ABOUT THIS TASK: Look through the lines below and extract any with the word "DIRECTION".

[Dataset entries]

=== Section Start ===

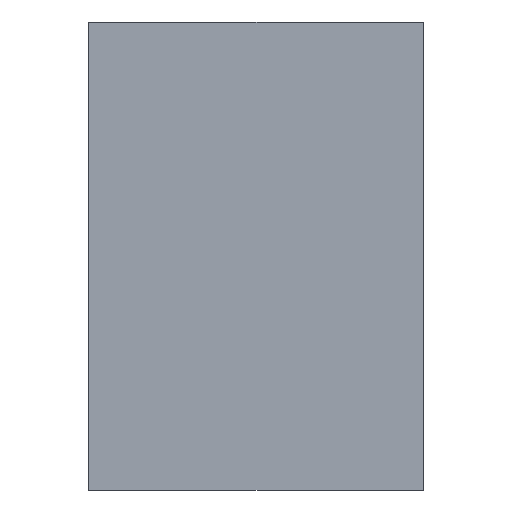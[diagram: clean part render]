
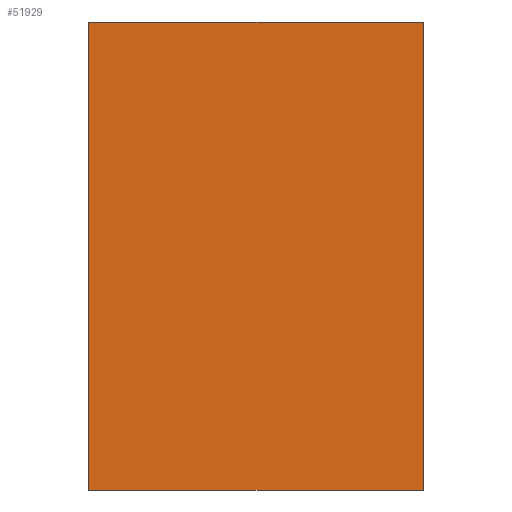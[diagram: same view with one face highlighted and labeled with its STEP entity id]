
A CAD part, front view. The second image highlights one B-rep face of the part: STEP entity #51929.
In plain terms, the highlighted planar face has unit normal (0, -1, 0).
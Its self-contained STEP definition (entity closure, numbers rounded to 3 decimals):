
#3311=FACE_OUTER_BOUND('',#6484,.T.);
#6484=EDGE_LOOP('',(#47155,#47156,#47157,#47158));
#13674=LINE('',#80183,#20878);
#13747=LINE('',#80267,#20951);
#13748=LINE('',#80269,#20952);
#13749=LINE('',#80270,#20953);
#20878=VECTOR('',#65884,10.);
#20951=VECTOR('',#65967,10.);
#20952=VECTOR('',#65968,10.);
#20953=VECTOR('',#65969,10.);
#25763=VERTEX_POINT('',#80180);
#25764=VERTEX_POINT('',#80182);
#25770=VERTEX_POINT('',#80266);
#25771=VERTEX_POINT('',#80268);
#32913=EDGE_CURVE('',#25764,#25763,#13674,.T.);
#32986=EDGE_CURVE('',#25763,#25770,#13747,.T.);
#32987=EDGE_CURVE('',#25770,#25771,#13748,.T.);
#32988=EDGE_CURVE('',#25771,#25764,#13749,.T.);
#47155=ORIENTED_EDGE('',*,*,#32986,.T.);
#47156=ORIENTED_EDGE('',*,*,#32987,.T.);
#47157=ORIENTED_EDGE('',*,*,#32988,.T.);
#47158=ORIENTED_EDGE('',*,*,#32913,.T.);
#49675=PLANE('',#54226);
#51929=ADVANCED_FACE('',(#3311),#49675,.T.);
#54226=AXIS2_PLACEMENT_3D('',#80265,#65965,#65966);
#65884=DIRECTION('',(0.,0.,-1.));
#65965=DIRECTION('center_axis',(0.,-1.,0.));
#65966=DIRECTION('ref_axis',(0.,0.,-1.));
#65967=DIRECTION('',(1.,0.,0.));
#65968=DIRECTION('',(0.,0.,1.));
#65969=DIRECTION('',(-1.,0.,0.));
#80180=CARTESIAN_POINT('',(-288.,-788.,-100.));
#80182=CARTESIAN_POINT('',(-288.,-788.,707.));
#80183=CARTESIAN_POINT('',(-288.,-788.,-100.));
#80265=CARTESIAN_POINT('Origin',(0.,-788.,303.5));
#80266=CARTESIAN_POINT('',(288.,-788.,-100.));
#80267=CARTESIAN_POINT('',(288.,-788.,-100.));
#80268=CARTESIAN_POINT('',(288.,-788.,707.));
#80269=CARTESIAN_POINT('',(288.,-788.,707.));
#80270=CARTESIAN_POINT('',(-288.,-788.,707.));

=== Section End ===

PROBLEM SOLUTION:
#65884=DIRECTION('',(0.,0.,-1.));
#65965=DIRECTION('center_axis',(0.,-1.,0.));
#65966=DIRECTION('ref_axis',(0.,0.,-1.));
#65967=DIRECTION('',(1.,0.,0.));
#65968=DIRECTION('',(0.,0.,1.));
#65969=DIRECTION('',(-1.,0.,0.));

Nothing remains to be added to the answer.